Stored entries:
++++++

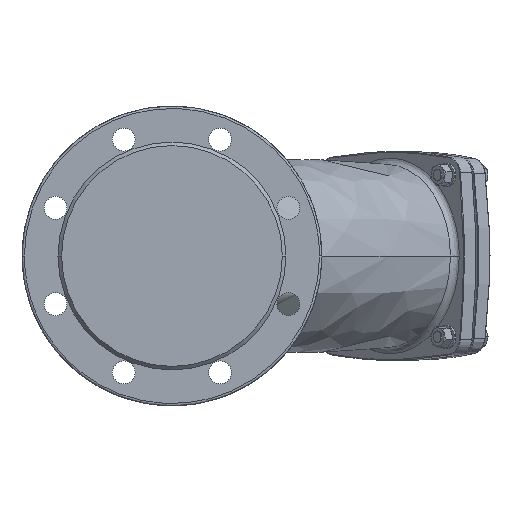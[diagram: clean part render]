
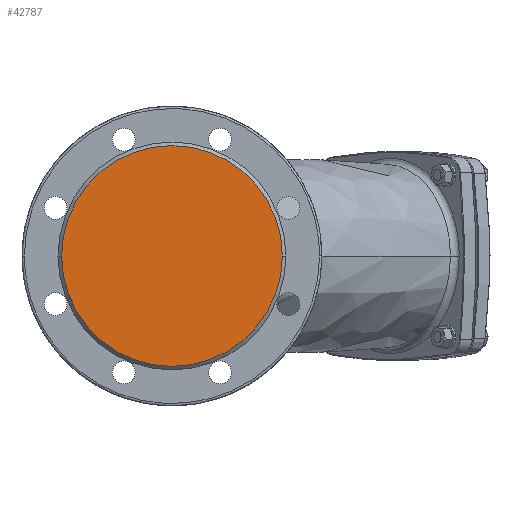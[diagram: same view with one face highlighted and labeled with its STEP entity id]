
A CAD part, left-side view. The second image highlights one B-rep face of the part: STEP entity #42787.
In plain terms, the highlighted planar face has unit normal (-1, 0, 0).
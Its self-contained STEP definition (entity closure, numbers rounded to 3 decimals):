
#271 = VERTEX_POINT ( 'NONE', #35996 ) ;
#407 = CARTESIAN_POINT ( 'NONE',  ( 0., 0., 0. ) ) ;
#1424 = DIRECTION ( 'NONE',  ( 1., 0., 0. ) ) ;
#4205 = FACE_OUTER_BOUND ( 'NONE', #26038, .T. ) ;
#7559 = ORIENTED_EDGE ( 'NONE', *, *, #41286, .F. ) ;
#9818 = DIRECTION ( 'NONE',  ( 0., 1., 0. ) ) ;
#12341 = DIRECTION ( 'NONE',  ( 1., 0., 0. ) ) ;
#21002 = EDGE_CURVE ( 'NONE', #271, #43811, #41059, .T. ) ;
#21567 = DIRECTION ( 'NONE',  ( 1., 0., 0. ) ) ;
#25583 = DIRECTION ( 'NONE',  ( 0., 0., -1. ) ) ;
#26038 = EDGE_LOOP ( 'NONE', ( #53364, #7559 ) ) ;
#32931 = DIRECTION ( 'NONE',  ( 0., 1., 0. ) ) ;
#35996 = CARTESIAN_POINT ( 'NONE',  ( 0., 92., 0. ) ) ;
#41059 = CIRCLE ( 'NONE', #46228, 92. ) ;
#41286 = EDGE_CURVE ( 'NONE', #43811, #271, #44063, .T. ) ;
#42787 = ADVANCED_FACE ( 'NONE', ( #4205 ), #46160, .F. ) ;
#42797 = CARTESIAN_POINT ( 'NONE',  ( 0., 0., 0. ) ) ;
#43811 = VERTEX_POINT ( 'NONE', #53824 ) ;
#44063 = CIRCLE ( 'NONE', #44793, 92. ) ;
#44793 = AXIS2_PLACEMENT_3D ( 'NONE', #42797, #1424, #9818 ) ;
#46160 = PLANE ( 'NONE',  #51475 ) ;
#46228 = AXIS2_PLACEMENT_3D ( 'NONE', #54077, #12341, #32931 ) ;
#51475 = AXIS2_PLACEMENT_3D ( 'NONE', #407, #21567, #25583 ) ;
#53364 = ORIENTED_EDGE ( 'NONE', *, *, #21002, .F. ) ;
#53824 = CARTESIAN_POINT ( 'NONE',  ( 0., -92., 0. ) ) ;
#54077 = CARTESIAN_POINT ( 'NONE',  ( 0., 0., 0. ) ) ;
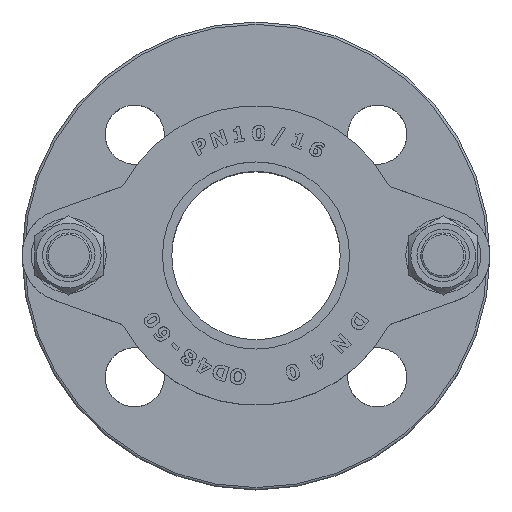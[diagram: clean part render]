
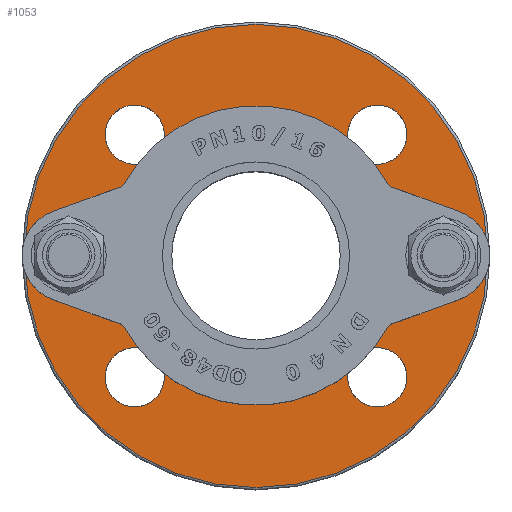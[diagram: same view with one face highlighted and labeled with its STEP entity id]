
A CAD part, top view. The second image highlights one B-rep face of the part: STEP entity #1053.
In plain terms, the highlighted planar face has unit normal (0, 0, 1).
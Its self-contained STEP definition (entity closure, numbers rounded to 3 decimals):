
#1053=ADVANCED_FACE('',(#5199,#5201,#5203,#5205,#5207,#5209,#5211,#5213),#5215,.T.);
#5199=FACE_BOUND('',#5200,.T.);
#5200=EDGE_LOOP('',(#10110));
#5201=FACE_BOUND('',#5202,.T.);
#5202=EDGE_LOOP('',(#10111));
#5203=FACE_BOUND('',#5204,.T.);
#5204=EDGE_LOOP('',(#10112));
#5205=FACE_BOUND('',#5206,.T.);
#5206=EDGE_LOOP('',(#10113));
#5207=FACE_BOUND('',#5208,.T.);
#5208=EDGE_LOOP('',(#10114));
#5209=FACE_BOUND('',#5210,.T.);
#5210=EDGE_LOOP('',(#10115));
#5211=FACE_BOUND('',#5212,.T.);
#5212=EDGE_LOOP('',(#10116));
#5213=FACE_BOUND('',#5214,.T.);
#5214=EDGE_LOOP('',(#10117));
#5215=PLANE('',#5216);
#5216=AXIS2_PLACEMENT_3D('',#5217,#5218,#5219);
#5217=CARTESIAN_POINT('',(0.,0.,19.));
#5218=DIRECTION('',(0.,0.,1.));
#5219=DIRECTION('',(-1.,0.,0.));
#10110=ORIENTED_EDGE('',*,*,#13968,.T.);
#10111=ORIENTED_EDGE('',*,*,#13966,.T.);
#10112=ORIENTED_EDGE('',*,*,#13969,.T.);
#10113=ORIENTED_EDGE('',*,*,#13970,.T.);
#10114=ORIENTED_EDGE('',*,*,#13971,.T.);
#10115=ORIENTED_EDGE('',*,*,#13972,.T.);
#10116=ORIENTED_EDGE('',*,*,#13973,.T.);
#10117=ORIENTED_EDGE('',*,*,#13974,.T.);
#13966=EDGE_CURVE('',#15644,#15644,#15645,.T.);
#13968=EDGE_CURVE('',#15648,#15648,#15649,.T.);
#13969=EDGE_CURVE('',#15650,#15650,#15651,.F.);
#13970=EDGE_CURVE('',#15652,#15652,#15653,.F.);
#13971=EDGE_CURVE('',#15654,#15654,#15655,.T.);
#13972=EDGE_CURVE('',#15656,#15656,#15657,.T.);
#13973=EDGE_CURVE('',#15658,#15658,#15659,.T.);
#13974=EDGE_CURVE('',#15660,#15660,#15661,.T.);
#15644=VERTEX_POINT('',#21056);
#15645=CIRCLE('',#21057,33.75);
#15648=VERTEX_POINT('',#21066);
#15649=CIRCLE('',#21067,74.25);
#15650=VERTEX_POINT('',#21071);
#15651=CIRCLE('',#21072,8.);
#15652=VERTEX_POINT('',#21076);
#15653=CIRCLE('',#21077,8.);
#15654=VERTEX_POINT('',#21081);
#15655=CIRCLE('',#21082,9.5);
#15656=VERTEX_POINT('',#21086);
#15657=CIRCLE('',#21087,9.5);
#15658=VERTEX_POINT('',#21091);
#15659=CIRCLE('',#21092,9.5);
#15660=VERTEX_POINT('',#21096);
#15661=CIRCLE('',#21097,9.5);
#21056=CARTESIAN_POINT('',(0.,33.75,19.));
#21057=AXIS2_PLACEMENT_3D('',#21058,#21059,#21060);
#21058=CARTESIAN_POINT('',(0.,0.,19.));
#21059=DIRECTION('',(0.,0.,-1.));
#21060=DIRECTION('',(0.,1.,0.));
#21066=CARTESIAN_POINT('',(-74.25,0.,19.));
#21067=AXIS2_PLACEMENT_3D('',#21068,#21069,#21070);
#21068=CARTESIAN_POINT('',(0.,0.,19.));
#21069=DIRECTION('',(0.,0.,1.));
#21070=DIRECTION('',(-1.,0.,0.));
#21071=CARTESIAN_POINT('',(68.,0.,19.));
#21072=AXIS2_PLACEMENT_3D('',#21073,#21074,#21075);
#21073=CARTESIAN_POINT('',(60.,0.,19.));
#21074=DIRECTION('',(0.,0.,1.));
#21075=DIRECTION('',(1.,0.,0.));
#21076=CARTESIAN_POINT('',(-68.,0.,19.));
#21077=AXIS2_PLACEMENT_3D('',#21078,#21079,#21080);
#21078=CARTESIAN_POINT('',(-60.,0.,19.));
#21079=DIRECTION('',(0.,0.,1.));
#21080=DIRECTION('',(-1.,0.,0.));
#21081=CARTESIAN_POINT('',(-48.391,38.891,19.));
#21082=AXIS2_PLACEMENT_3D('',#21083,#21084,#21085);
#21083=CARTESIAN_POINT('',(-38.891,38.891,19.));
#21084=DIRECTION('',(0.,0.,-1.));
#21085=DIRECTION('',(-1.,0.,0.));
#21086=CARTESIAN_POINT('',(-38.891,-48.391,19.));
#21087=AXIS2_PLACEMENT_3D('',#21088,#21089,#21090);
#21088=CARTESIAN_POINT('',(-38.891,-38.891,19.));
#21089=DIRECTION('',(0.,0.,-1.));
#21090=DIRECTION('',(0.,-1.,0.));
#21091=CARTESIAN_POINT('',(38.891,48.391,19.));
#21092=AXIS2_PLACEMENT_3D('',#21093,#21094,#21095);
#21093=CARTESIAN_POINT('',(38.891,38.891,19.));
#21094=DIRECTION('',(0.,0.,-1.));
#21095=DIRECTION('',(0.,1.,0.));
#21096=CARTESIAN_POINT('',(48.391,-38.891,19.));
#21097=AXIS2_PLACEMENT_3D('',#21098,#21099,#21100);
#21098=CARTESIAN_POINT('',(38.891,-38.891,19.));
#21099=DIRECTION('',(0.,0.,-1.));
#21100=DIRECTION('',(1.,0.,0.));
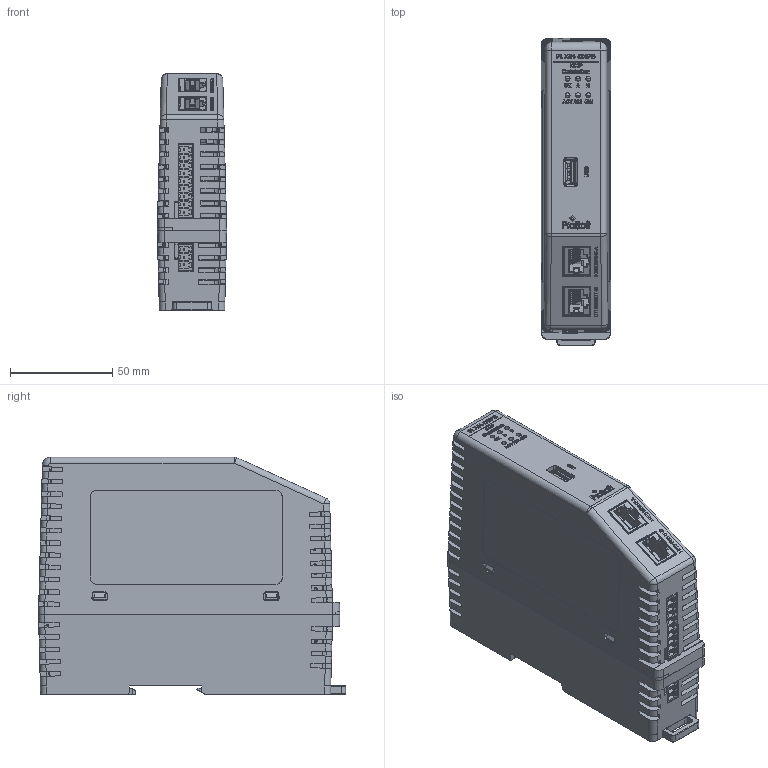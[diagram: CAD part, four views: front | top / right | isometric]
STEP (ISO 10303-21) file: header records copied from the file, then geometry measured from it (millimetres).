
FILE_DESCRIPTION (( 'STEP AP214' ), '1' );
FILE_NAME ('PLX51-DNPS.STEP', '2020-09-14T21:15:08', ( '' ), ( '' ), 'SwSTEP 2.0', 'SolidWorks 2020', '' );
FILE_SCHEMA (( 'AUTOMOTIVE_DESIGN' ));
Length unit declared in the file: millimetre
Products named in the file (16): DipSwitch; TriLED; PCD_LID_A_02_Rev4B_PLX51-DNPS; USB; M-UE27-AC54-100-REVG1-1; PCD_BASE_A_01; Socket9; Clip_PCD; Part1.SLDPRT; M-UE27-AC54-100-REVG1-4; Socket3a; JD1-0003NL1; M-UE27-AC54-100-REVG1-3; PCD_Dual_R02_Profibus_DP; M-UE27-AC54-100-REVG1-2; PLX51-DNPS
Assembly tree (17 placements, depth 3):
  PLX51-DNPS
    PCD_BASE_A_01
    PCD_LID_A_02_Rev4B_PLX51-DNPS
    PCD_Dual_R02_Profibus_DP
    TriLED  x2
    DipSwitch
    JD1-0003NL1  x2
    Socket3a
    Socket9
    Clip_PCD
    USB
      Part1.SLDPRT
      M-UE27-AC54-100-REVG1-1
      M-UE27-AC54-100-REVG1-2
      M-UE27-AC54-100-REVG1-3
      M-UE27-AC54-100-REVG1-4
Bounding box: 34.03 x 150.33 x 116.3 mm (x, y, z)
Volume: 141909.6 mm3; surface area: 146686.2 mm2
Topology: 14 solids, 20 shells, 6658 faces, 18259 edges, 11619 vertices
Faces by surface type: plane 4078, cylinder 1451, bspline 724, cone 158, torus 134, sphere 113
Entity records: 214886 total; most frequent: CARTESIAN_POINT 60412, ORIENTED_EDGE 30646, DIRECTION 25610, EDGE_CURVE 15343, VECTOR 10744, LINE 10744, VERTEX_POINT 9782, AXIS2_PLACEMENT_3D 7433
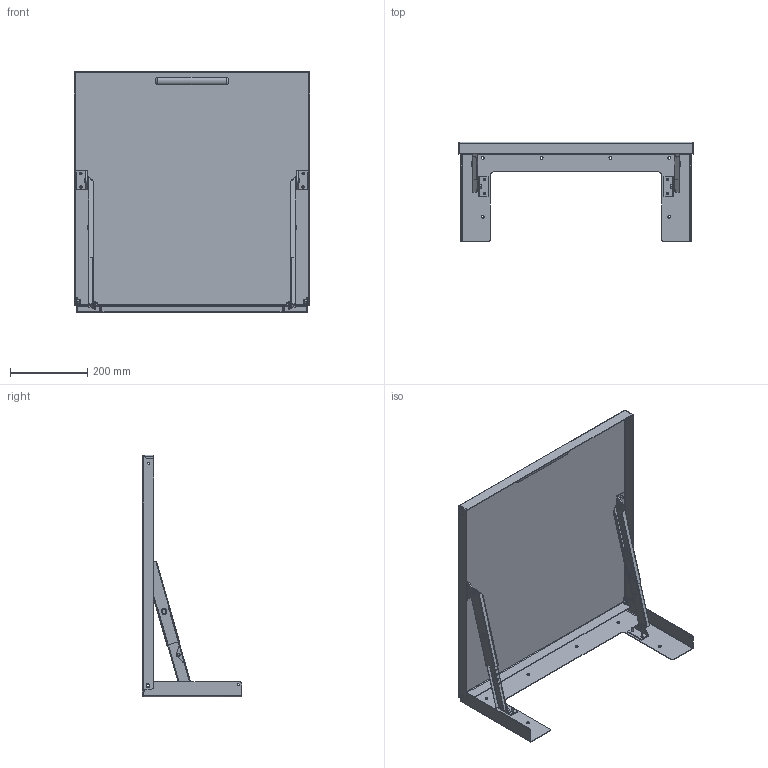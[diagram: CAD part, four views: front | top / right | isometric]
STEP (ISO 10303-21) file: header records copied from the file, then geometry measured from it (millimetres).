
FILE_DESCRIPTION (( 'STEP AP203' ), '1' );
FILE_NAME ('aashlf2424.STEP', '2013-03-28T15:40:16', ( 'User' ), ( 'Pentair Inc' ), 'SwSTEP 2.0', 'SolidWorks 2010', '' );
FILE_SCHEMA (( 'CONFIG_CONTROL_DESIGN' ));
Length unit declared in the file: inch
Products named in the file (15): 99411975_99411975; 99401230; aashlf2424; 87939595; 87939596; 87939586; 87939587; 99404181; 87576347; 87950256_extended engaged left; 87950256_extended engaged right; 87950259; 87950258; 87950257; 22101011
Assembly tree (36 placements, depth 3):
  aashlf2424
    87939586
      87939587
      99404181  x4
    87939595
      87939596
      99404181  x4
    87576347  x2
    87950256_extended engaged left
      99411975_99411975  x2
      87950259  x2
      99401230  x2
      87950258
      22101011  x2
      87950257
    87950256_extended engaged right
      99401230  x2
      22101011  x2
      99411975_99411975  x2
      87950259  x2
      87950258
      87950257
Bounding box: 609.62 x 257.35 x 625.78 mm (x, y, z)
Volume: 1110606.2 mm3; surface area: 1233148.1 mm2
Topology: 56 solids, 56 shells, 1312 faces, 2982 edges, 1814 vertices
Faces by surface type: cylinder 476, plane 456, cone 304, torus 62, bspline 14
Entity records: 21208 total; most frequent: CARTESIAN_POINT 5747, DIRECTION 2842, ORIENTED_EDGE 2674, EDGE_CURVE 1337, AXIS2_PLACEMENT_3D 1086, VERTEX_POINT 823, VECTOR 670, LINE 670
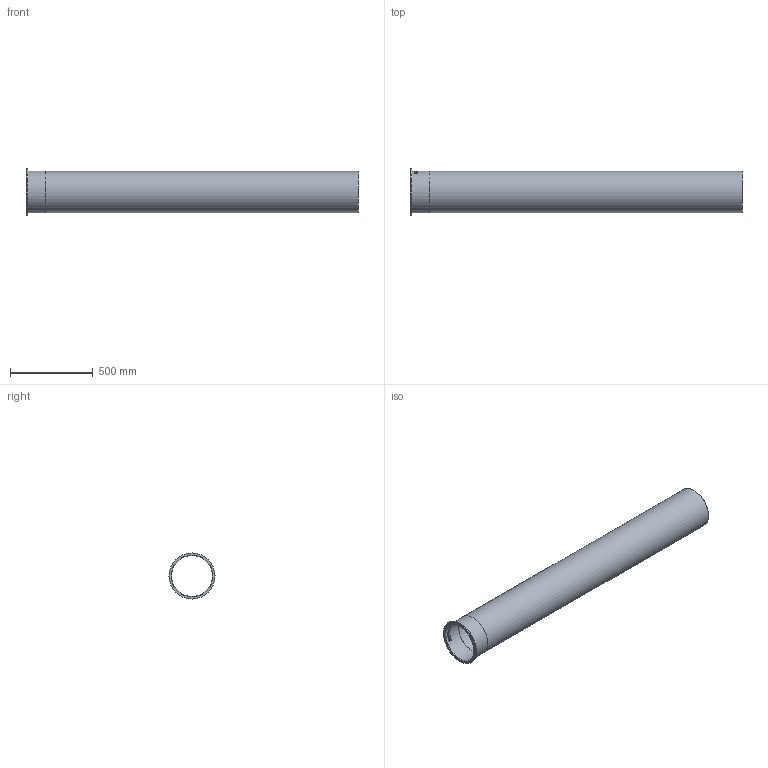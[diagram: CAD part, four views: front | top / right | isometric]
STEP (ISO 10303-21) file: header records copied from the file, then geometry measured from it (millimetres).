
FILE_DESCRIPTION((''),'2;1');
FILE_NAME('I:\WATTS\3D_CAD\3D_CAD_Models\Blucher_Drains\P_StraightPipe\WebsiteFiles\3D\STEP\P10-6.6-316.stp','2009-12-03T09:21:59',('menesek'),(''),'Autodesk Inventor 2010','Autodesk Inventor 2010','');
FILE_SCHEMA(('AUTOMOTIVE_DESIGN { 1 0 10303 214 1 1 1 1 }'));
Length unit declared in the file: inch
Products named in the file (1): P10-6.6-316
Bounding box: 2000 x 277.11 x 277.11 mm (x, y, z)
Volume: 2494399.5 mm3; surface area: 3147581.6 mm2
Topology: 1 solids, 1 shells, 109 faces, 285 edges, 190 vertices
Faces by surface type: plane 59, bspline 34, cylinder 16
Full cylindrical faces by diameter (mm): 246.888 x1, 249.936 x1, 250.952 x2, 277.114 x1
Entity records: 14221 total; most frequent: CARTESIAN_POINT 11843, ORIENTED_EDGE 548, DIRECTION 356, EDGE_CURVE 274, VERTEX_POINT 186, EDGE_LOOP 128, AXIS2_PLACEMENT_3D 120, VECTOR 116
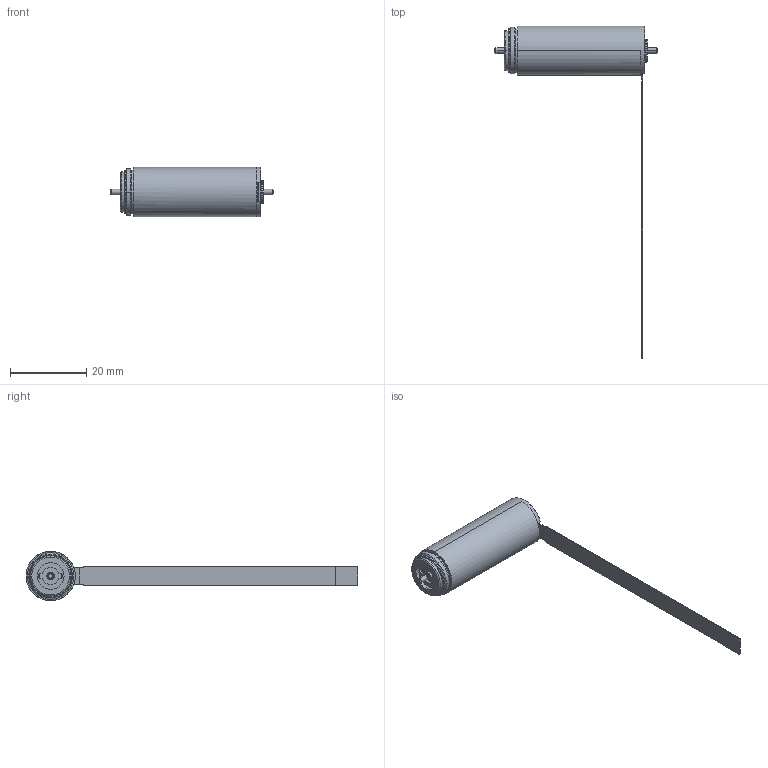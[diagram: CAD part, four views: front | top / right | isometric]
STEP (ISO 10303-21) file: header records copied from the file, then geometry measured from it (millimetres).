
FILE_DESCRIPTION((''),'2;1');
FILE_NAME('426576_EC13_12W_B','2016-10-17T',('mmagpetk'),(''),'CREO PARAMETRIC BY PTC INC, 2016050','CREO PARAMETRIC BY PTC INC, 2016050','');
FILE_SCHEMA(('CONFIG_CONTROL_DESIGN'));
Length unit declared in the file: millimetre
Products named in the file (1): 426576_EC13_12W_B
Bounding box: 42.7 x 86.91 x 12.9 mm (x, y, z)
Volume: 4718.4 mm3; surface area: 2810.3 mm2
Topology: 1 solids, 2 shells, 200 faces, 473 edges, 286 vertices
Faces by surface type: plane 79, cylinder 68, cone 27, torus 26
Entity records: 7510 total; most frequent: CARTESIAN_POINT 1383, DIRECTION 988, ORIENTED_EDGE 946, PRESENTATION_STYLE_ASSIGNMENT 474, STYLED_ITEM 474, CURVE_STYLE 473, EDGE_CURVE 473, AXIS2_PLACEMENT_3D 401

++++++

→ **About this exercise**: Collect the lines of the records that include the string "image".

→ **Result for this exercise**:
A CAD part, left-side view. The second image highlights one B-rep face of the part: STEP entity #42787.
A CAD part, top view. The second image highlights one B-rep face of the part: STEP entity #1053.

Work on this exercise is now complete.